The path to useful quantum computers with error correction

Riverlane article

By Jake Taylor, Chief Science Officer | Kenton Barnes, Senior Quantum Engineer | Rossy Nguyen, Senior Product Manager (Quantum Error Correction)

Quantum computing systems are moving from a first generation of highly error-prone machines of limited usefulness (known as the Noisy Intermediate Scale Quantum Computing or NISQ era) towards measurement-heavy systems with the capabilities necessary to implement quantum error correction.

At the IEEE Quantum Week in September 2022, a variety of workshops and keynotes all highlighted the emerging engineering challenges for getting quantum computing ‘to scale’. We also learned more about the burgeoning ecosystem that looks towards error corrected machines. The Riverlane-led workshop, `Beyond NISQ’, brought together stakeholders representing all the major commercial qubit types. Discussion focused on the identification of key milestones, metrics and needs for the error correction community to progress over the next five years.

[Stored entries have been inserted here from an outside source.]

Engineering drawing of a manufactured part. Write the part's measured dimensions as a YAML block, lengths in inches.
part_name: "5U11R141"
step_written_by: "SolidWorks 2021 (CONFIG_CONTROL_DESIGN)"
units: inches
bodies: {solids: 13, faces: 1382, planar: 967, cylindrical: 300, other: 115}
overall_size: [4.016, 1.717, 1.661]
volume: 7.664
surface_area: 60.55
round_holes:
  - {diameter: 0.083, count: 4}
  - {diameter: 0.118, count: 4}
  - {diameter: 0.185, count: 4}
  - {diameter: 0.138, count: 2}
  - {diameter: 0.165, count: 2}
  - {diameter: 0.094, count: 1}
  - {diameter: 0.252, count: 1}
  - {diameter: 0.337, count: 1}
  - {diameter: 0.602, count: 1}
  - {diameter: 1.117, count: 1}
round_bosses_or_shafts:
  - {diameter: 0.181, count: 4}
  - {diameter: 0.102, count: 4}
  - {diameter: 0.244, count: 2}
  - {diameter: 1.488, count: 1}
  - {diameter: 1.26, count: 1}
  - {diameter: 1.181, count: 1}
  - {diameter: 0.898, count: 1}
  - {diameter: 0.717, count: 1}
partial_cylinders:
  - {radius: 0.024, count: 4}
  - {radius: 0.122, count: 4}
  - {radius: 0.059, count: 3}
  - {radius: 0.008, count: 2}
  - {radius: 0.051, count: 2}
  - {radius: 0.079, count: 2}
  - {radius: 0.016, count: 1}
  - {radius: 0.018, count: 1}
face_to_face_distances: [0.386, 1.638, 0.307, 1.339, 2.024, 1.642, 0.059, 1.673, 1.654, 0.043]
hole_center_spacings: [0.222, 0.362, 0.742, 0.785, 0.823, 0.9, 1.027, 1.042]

One key ingredient is getting qubits to be better, in isolation and in groups. The fidelity of operations like gates, the ability to reset qubits to ‘zero’, and the means to attain a quick and accurate measurement of a qubit’s final state, were all raised as crucial functionalities to improve. There’s a tremendous amount of engineering and materials science going into these tasks. Although the week did not have a single ‘aha’ moment in qubit performance, the collective gains in the field are impressive.

The other key ingredient is reducing the cost of building and running qubits. This is not just dollars and pounds but also watts and people. Moving from the NISQ approach to quantum error correction changes fundamental architectural decisions and may open new opportunities for better, lower cost systems. On one hand, the number of key operations is lower as universal gates sets are typically finite and do not include parametric gates such as continuous controlled phase gates. On the other hand, QEC requires substantial numbers of measurements in nearly every gate layer, and optimisation towards such high measurement-throughput devices is nascent.

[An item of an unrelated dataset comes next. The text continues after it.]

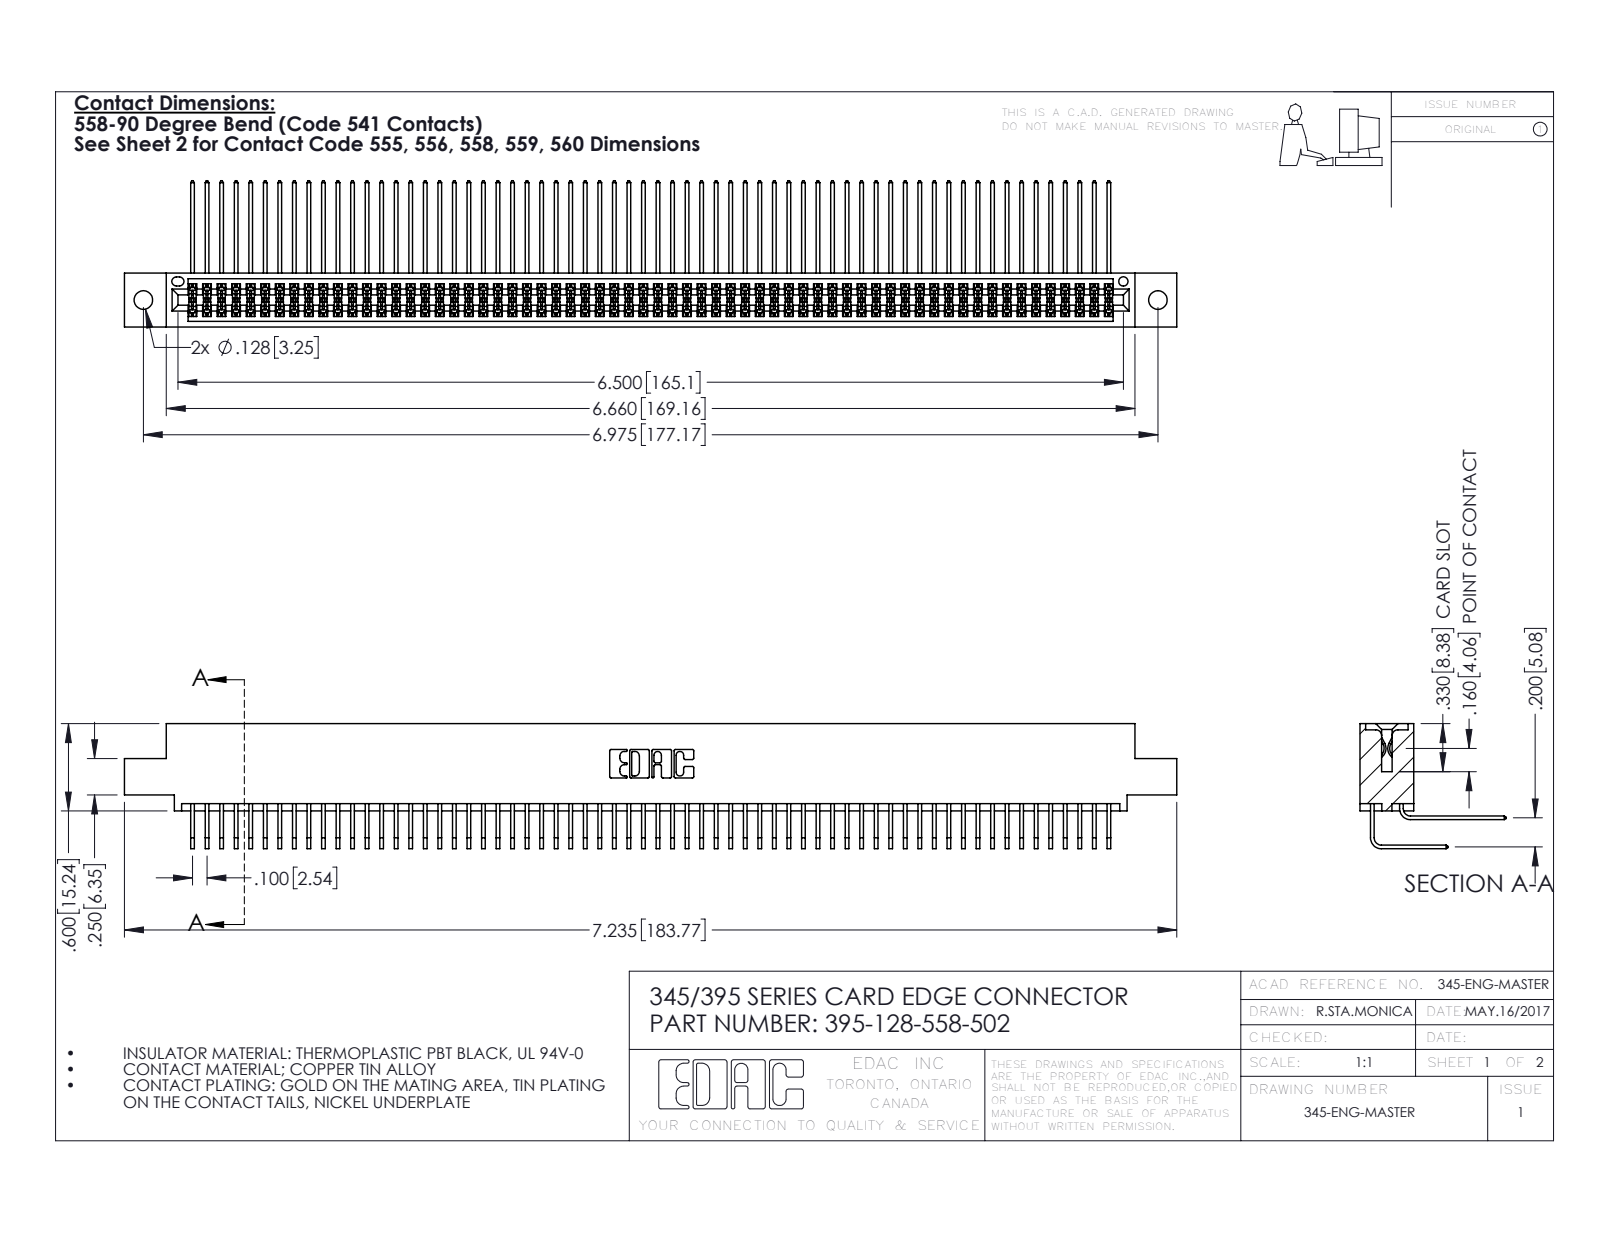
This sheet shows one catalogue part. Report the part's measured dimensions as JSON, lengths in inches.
{"part_name": "395-128-558-502; 345-292-001_558 Tail - 2; 345 Part_0.110 Offset - 0.128 Dia; 345-292-001_558 559 Tail - 1", "step_written_by": "SolidWorks 2016 (CONFIG_CONTROL_DESIGN)", "units": "inches", "bodies": {"solids": 129, "faces": 6786, "planar": 4564, "cylindrical": 2222, "other": 0}, "overall_size": [7.235, 1.005, 0.859], "volume_in3": 1.14, "surface_area_in2": 48.57, "round_holes": [[0.128, 2], [0.064, 1]], "partial_cylinders_radius": [[0.006, 193], [0.01, 22], [0.007, 6], [0.031, 6], [0.026, 3], [0.014, 2], [0.019, 2], [0.022, 2]], "face_to_face_distances": [0.072, 0.298, 0.2, 0.37, 0.098, 0.272, 0.025, 0.225, 0.025, 0.175], "hole_center_spacings": [0.27, 6.739, 6.975]}

Many participants throughout the week highlighted how control systems, as currently developed, are unlikely to achieve the cost and performance necessary for thousands and millions of qubits. However, these conversations highlighted a key insight that Riverlane has gained: leveraging the semiconductor industry to solve control and decoding computational challenges is expensive on the front-end but will ultimately enable production at scale.

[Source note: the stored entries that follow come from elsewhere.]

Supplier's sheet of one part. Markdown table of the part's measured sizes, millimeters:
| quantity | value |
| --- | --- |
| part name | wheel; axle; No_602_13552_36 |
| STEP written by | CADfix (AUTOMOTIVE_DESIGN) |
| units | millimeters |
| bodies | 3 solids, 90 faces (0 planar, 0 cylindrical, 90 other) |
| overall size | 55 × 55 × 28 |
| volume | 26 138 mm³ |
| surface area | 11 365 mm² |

It has been established that the “decoding problem” is a bottleneck for error corrected quantum computation. Solving the classical decoding problem fast enough to not limit the speed of logical operations requires a multi-disciplinary approach to improve algorithms and build dedicated hardware. But speed is not the only important milestone to consider for decoders. There are several other functionalities that a decoder should exhibit in the next five years to support progress towards error-corrected quantum computation.

In fact, an important highlight referenced across multiple conference steams was the emergence of the Riverlane-developed parallel window decoder as a scalable means of leveraging cheap per unit semiconductor hardware in a massively parallel system that scales with the size of your quantum computer. Additional techniques to reduce cost of decoding, from neural network pre-decoders to cryogenic logic systems adjacent to qubits based upon CMOS or more exotic technologies, also highlighted low-hanging fruit for better integration of Quantum Control and Quantum Error Correction systems.

What about the benchmarks and metrics that will drive future progress?

At the Riverlane-sponsored panel on this topic, the overall vision agreed was to not focus on algorithms but instead at the subroutine level. There, specific techniques like syndrome extraction circuits, entanglement distillation, magic state distillation and logical gate sequences can all feed into performance characterisation. Specifically, the benchmarks and metrics should answer the question: “What type of operation sequences stress the hardware system?”

Given these efforts and discussions, where does the field go from here?

Today we are collaborating with error correction experts across the world to develop a whitepaper on milestones for the next five years of error correction. These involve the whole quantum computing community now coming together to address the big challenges ahead:

  • How to make qubits at scale
  • How to integrate control and measurement systems at speed
  • How to decode error information fast enough and cheaply enough to keep up
  • How to track our collective progress to ensure that our outcomes lead to the first error-corrected quantum computers?

The whitepaper that we’ll publish over the coming months will dive into each of these questions.